«Была одна игра, в которую папá с нами играл и которую мы очень любили. Это была придуманная им игра. Вот в чем она состояла: безо всякого предупреждения папá вдруг делал испуганное лицо, начинал озираться во все стороны, хватал двоих из нас за руки и, вскакивая с места, на цыпочках, высоко поднимая ноги и стараясь не шуметь, бежал и прятался куда-нибудь в угол, таща за руку тех из нас, кто ему попадались.
“Идет… идет…” — испуганным шепотом говорил.
Тот из нас троих, которого он не успел захватить с собой, стремглав бросался к нему и цеплялся за его блузу. Все мы, вчетвером, с испугом забиваемся в угол и с бьющимися сердцами ждем, чтобы “он” прошел. Папá сидит с нами на полу на корточках и делает вид, что он напряженно следит за кем-то воображаемым, который и есть самый “он”. Папá провожает его глазами, а мы сидим молча, испуганно прижавшись друг к другу, боясь, как бы “он” нас не увидал. Сердца наши так стучат, что мне кажется, что “он” может услыхать это биение и по нем найти нас. Наконец, после нескольких минут напряженного молчания, у папá лицо делается спокойным и веселым…
— Ушел! — говорит он нам о “нем”.
Мы весело вскакиваем и идем с папá по комнатам, как вдруг… брови у папá поднимаются, глаза таращатся, он делает страшное лицо и останавливается: оказывается, что “он” опять откуда-то появился.
— Идет! Идет! — шепчем мы все вместе и начинаем метаться из стороны в сторону, ища укромного места, чтобы спрятаться от “него”. Опять мы забиваемся куда-нибудь в угол и опять с волнением ждем, пока папá проводит “его” глазами. Наконец, “он” опять уходит, не открыв нас, мы опять вскакиваем, и всё начинается сначала, пока папá не надоедает с нами играть и он не отсылает нас к Ханне».
Читая воспоминания старших детей о их яснополянском детстве, приходишь к мысли, что если Толстой мечтал устроить в Ясной Поляне отдельно взятый рай, ему это удалось.
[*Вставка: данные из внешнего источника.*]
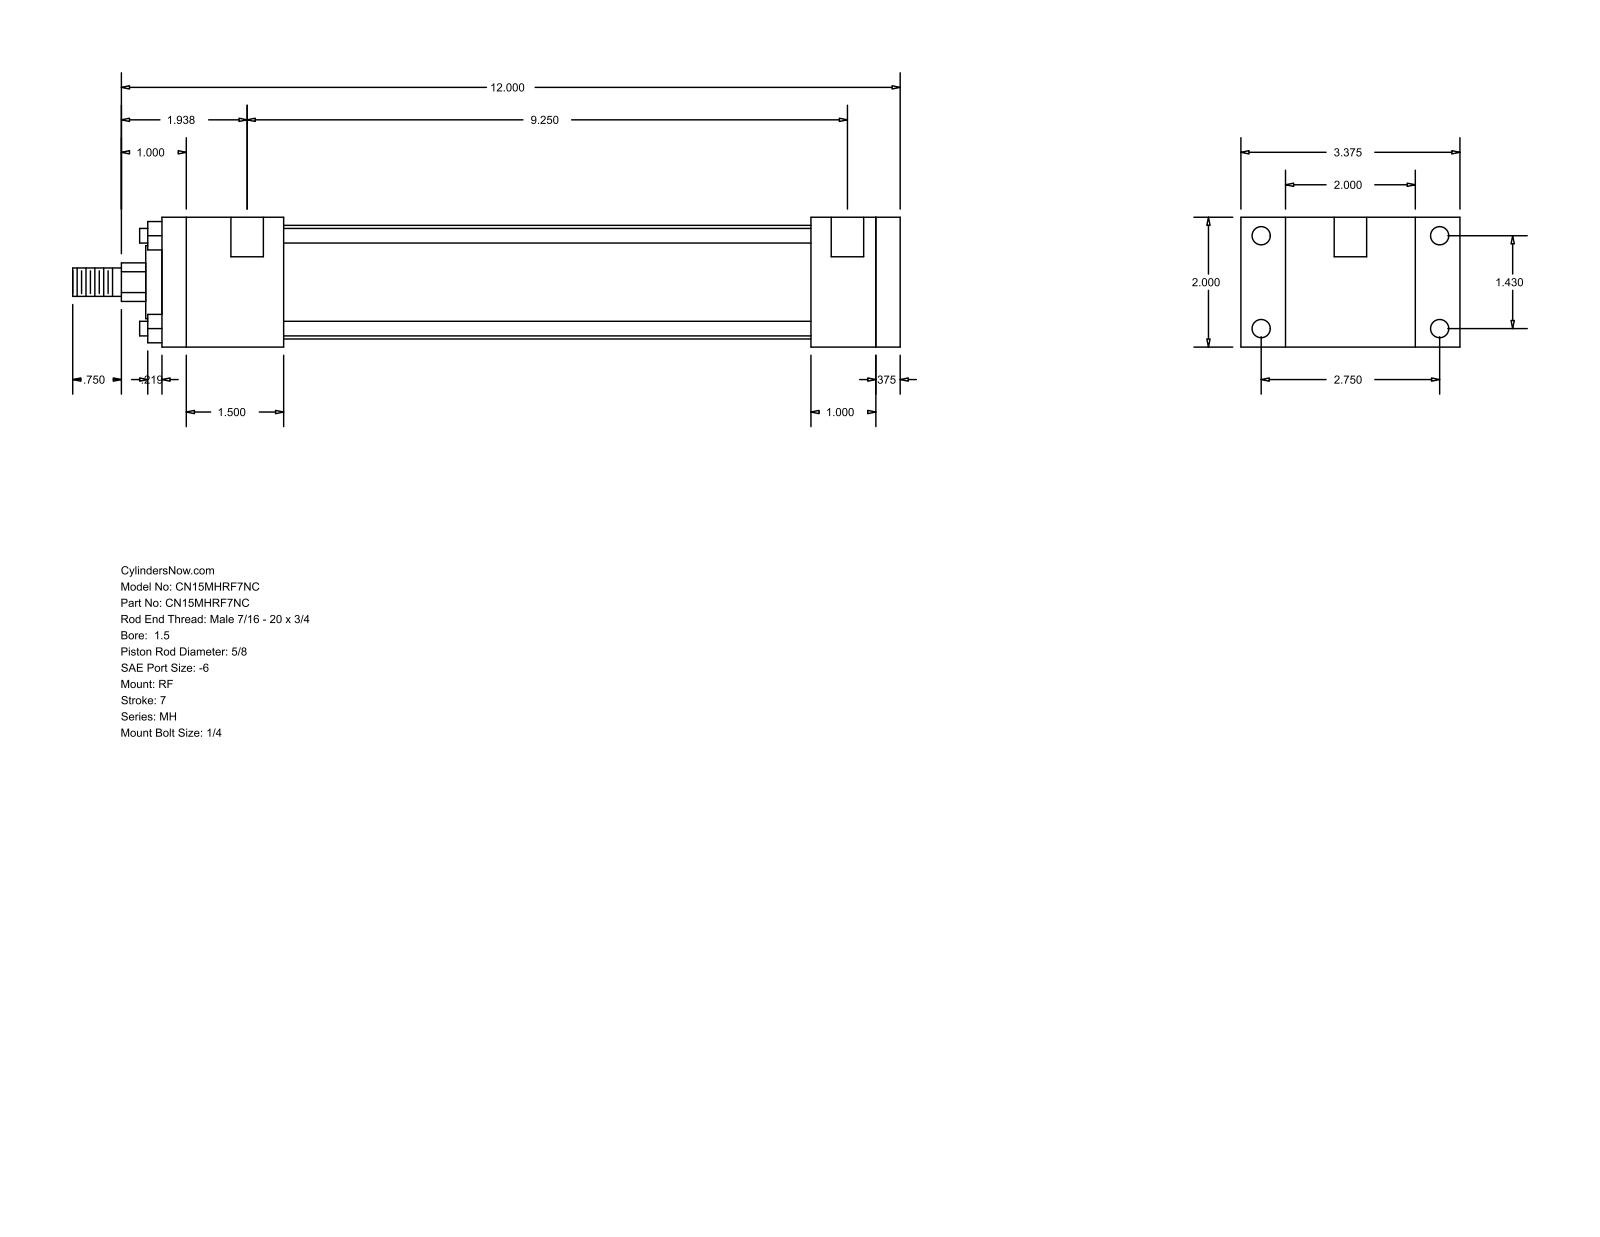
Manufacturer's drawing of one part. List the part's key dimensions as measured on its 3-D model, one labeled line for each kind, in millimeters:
Part name (STEP PRODUCT): MH_RF__0150_0.625
STEP written by: GSSL Pune (CONFIG_CONTROL_DESIGN)
Units: millimetres
Bodies: 0 solids, 92 faces (64 planar, 28 cylindrical, 0 other)
Overall size (bounding box): 323.85 × 85.72 × 50.8
Round holes (diameter × count): ⌀5.56 ×4, ⌀7.14 ×4, ⌀12.7 ×2
Round bosses / shafts (diameter × count): ⌀5.71 ×4, ⌀44.45 ×1, ⌀28.57 ×1, ⌀15.88 ×1, ⌀11.11 ×1
Partial cylindrical surfaces — rounded edges, fillets, slot ends (radius × count): R7.54 ×1
Main face-to-face distances: 50.8, 9.53, 288.92, 279.39, 17.46, 68.26, 254, 25.39, 34.92, 47.62
Hole centre spacings: 36.32, 69.84, 78.72, 238.12, 3.17, 234.95

Для детей…
И не случайно лучшее произведение, написанное его сыном Львом Львовичем, который тоже пытался стать писателем, называется «Яша Полянов». В этом замечательном имени-названии соединились личность ребенка и личность усадьбы. Они становятся одним целым. Лев писал в воспоминаниях: «Мать, отец, братья, сестры, няни, гувернантки, прислуга, гости, собаки, редко медведь с медвежатником, лошади, охота отца и братьев, праздники Рождества, елка, Масляница и Пасха, зима — со снегом, санями, снегирями и коньками; весна — с мутными ручьями и блестящими коврами серебряного тающего снега, с первым листом березы и смородиной, с тягой, с первыми цветами и первой прогулкой “без пальто”, лето — с грибами, с купаньем, со всевозможными играми, с верховой ездой и рыбной ловлей; осень — с началом ученья и труда всей семьи, с желтыми листьями в аллеях сада и вкусными антоновскими яблоками, с первой порошей — вот счастливая жизнь моего детства».
Солнце в зените
С середины шестидесятых и до конца семидесятых годов он почти не пишет дневник. В жизни Толстого это всегда был верный признак того, что в его душе не происходило серьезных душевных перемен, всё шло своим порядком. И такая жизнь его в общем-то устраивала. Но при этом происходил процесс накопления нового душевного и умственного опыта.